I believe there is a need for change, underpinned by a single flexible, funding stream, freed from arbitrary and historical boundaries. A new single set of arrangements will ensure investment and planning decisions are not taken about individual professions in isolation – there are considerable interdependencies across professions. Decisions about education and training must be based on the needs of patients and local populations and a holistic approach to the workforce.
However, if we are to move to a new set of arrangements a clear model of implementation will be needed to deliver against Wales’ priorities. As acknowledged by the review panel, further work is needed to properly scope this model, including its costs and benefits, before a final decision can be made about timescales for implementation.
This work will be led by an individual, supported by the Welsh Government. A stakeholder reference group will be set up to guide this work and act as a critical friend as it progresses. I want this work to be completed within six months and expect organisations to work together to establish the best arrangements possible for Wales.
In the interim, and in parallel to taking this work forward, I expect all organisations involved in workforce planning, organisational design and education commissioning to work more strategically and collaboratively.
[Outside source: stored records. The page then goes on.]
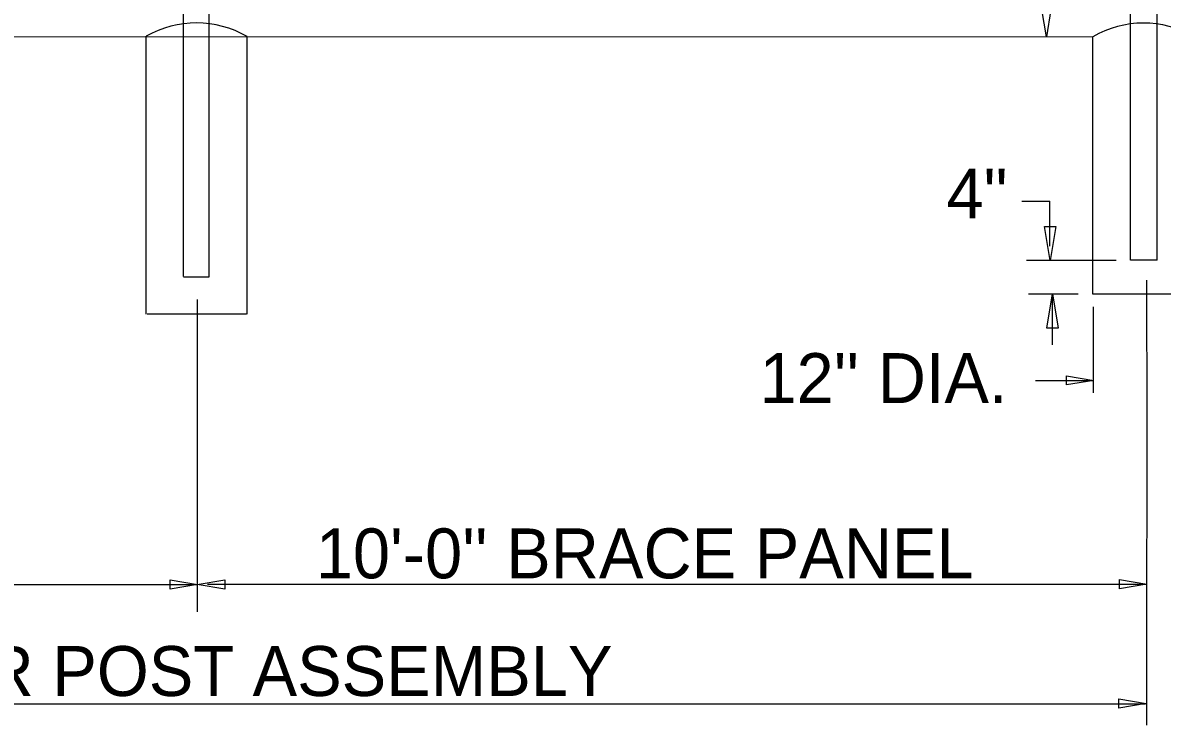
# Model space of a CAD drawing. Extents: x 0 to 2.85, y -0.1 to 1.83.
# Drawn here: x 2.2325 to 2.4608, y 0.6676 to 0.8083 of the extents above; entities that cross this region are included whole.
import ezdxf

# ---------------------------------------------------------------- set-up
doc = ezdxf.new("R2010")
doc.units = 0
for name, color, linetype in [('CT_CSHT_GeneralLabel', 7, 'Continuous'), ('CT_Dimensions', 7, 'Continuous'), ('sb_Chainlink Fence', 7, 'Continuous'), ('sb_Existing Concrete', 7, 'Continuous'), ('sb_Existing Structural Steel', 7, 'Continuous')]:
    doc.layers.add(name, color=color, linetype=linetype)

msp = doc.modelspace()

# ---------------------------------------------------------------- linework, layer by layer
at = {"layer": 'CT_Dimensions'}
for p, q in [((2.4326840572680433, 0.7725615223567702), (2.4382950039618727, 0.7725615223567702)), ((2.4382950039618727, 0.7635733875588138), (2.4382950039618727, 0.7725615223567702)), ((2.433621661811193, 0.7607772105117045), (2.451589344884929, 0.7607772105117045)), ((2.457769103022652, 0.7280344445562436), (2.4577317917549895, 0.7567665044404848)), ((2.433969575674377, 0.7539997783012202), (2.443957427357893, 0.7539997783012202)), ((2.438801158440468, 0.7438114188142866), (2.438801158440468, 0.7539840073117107)), ((2.267514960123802, 0.6903233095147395), (2.267514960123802, 0.7528803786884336)), ((2.447029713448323, 0.7341819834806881), (2.447029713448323, 0.7514371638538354)), ((2.4353976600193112, 0.7366869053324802), (2.4470306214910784, 0.7366869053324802)), ((2.4577386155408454, 0.6819635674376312), (2.457769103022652, 0.7280344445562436)), ((2.4577386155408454, 0.6676045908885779), (2.4577386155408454, 0.7008694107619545)), ((2.0731093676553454, 0.6957987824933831), (2.267473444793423, 0.6957987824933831)), ((2.2695329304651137, 0.6958615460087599), (2.4577386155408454, 0.6958615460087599)), ((2.077454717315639, 0.6719009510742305), (2.4574666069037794, 0.6719009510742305))]:
    msp.add_line(p, q, dxfattribs=at)
for points in [[(2.438492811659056, 0.8110029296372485), (2.4375767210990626, 0.8055063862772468), (2.436660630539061, 0.8110029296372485)], [(2.439504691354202, 0.7675232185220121), (2.438361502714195, 0.7606640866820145), (2.437218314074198, 0.7675232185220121)], [(2.4376630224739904, 0.7471429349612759), (2.4388062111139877, 0.7540020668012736), (2.439949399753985, 0.7471429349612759)], [(2.4415951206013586, 0.737602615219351), (2.447091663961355, 0.736686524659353), (2.4415951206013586, 0.735770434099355)], [(2.2620511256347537, 0.6967089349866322), (2.267547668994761, 0.6957928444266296), (2.2620511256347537, 0.694876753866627)], [(2.2729699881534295, 0.6948826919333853), (2.267473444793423, 0.6957987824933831), (2.2729699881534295, 0.6967148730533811)], [(2.4522420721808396, 0.6967776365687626), (2.4577386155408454, 0.6958615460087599), (2.4522420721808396, 0.694945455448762)], [(2.4520983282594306, 0.6728629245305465), (2.457594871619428, 0.6719468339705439), (2.4520983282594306, 0.6710307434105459)]]:
    msp.add_lwpolyline(points, close=True, dxfattribs=at)
at = {"layer": 'sb_Chainlink Fence'}
msp.add_line((1.8800525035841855, 0.8055800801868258), (2.446888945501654, 0.8055292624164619), dxfattribs=at)
at = {"layer": 'sb_Existing Concrete'}
for p, q in [((2.2572631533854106, 0.7499439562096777), (2.2572631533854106, 0.8056206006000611)), ((2.277472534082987, 0.7499215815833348), (2.277472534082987, 0.8055572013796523)), ((2.4468792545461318, 0.7539664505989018), (2.446888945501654, 0.8055292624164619)), ((2.4670894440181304, 0.7539664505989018), (2.4468792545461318, 0.7539664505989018)), ((2.257473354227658, 0.7499808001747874), (2.2773739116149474, 0.7499808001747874))]:
    msp.add_line(p, q, dxfattribs=at)
for centre, start, end in [((2.267312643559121, 0.7879930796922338), 59.952950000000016, 119.6875638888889), ((2.457048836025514, 0.7879651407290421), 60.31243611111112, 120.04705000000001)]:
    msp.add_arc(centre, 0.020290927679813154, start, end, dxfattribs=at)
at = {"layer": 'sb_Existing Structural Steel'}
for p, q in [((2.4544566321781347, 0.8080862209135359), (2.4544566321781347, 0.935975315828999)), ((2.4597995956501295, 0.8080681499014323), (2.4597995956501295, 0.935975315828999)), ((2.264688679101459, 0.8075347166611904), (2.2648827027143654, 0.9178714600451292)), ((2.269837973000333, 0.807634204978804), (2.270019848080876, 0.917607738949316)), ((2.4544566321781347, 0.760757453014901), (2.4544566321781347, 0.8080795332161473)), ((2.4597995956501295, 0.760757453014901), (2.4597995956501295, 0.8080795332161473)), ((2.264688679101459, 0.7574622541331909), (2.264688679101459, 0.8075347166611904)), ((2.269837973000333, 0.7573785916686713), (2.269837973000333, 0.807634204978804)), ((2.4597995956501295, 0.760757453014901), (2.4544566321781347, 0.760757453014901)), ((2.264691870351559, 0.7574242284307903), (2.2697890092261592, 0.7574242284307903)), ((2.4577386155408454, 0.6928938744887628), (2.4577386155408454, 0.7010567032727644))]:
    msp.add_line(p, q, dxfattribs=at)

# ---------------------------------------------------------------- texts
at = {"layer": 'CT_CSHT_GeneralLabel'}
msp.add_text('CORNER POST ASSEMBLY', height=0.01, dxfattribs=at).set_placement((2.176777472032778, 0.6734581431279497))
at = {"layer": 'CT_Dimensions'}
for s, p in [('4"', (2.417597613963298, 0.7691212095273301)), ("12'' DIA. ", (2.3800960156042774, 0.7321384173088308)), ("10'-0'' BRACE PANEL", (2.2912303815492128, 0.6970235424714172))]:
    msp.add_text(s, height=0.01, dxfattribs=at).set_placement(p)

doc.saveas('drawing.dxf')

I also want to see substantial progress in securing greater transparency and accountability over the coming year, including in relation to the level and nature of the investment made by individual NHS organisations across Wales.
The HPEI review was asked to consider whether incentive-based schemes would help to recruit and retain healthcare professionals to and in Wales. The review concluded that the main lever for attracting professionals to the NHS in Wales is the working-learning experience and the environments they will work.
However, there are some specialties and areas where Wales – in common with the rest of the UK – is experiencing recruitment difficulties. The panel considered that an approach, which saw a period of service tied into the funding of training programmes, would be a welcome step forward.
In light of this, we will realign the investment we make in medical education so a greater share is provided to those who commit themselves to the NHS in Wales. Further details will be announced in light of Sir Ian Diamond’s review of student finance arrangements in Wales.
This statement has focused on the review’s key recommendations. The HPEI review makes many more, including the need to adopt a multidisciplinary approach to training and to increase exposure to care provided in community as part of that training.
These recommendations are already informing our primary care workforce plan, which will be republished this week following a period of engagement with stakeholders. It also highlights the importance of reconsidering the existing funding mechanisms for education in Wales, including the current SIFT funding model and potential incentives.
I would like to thank the members of the HPEI panel – Mel Evans, Professor Ceri Phillips, Dick Roberts and Dr David Salter – for all their hard work. The review has provided a platform for debate about important issues relating to education and training of healthcare professionals in Wales.
There is significant support for change – the ideas for change have been discussed extensively; now they must be properly modelled and evaluated, to ensure we have the best possible arrangements in place to educate and train our NHS workforce of the future.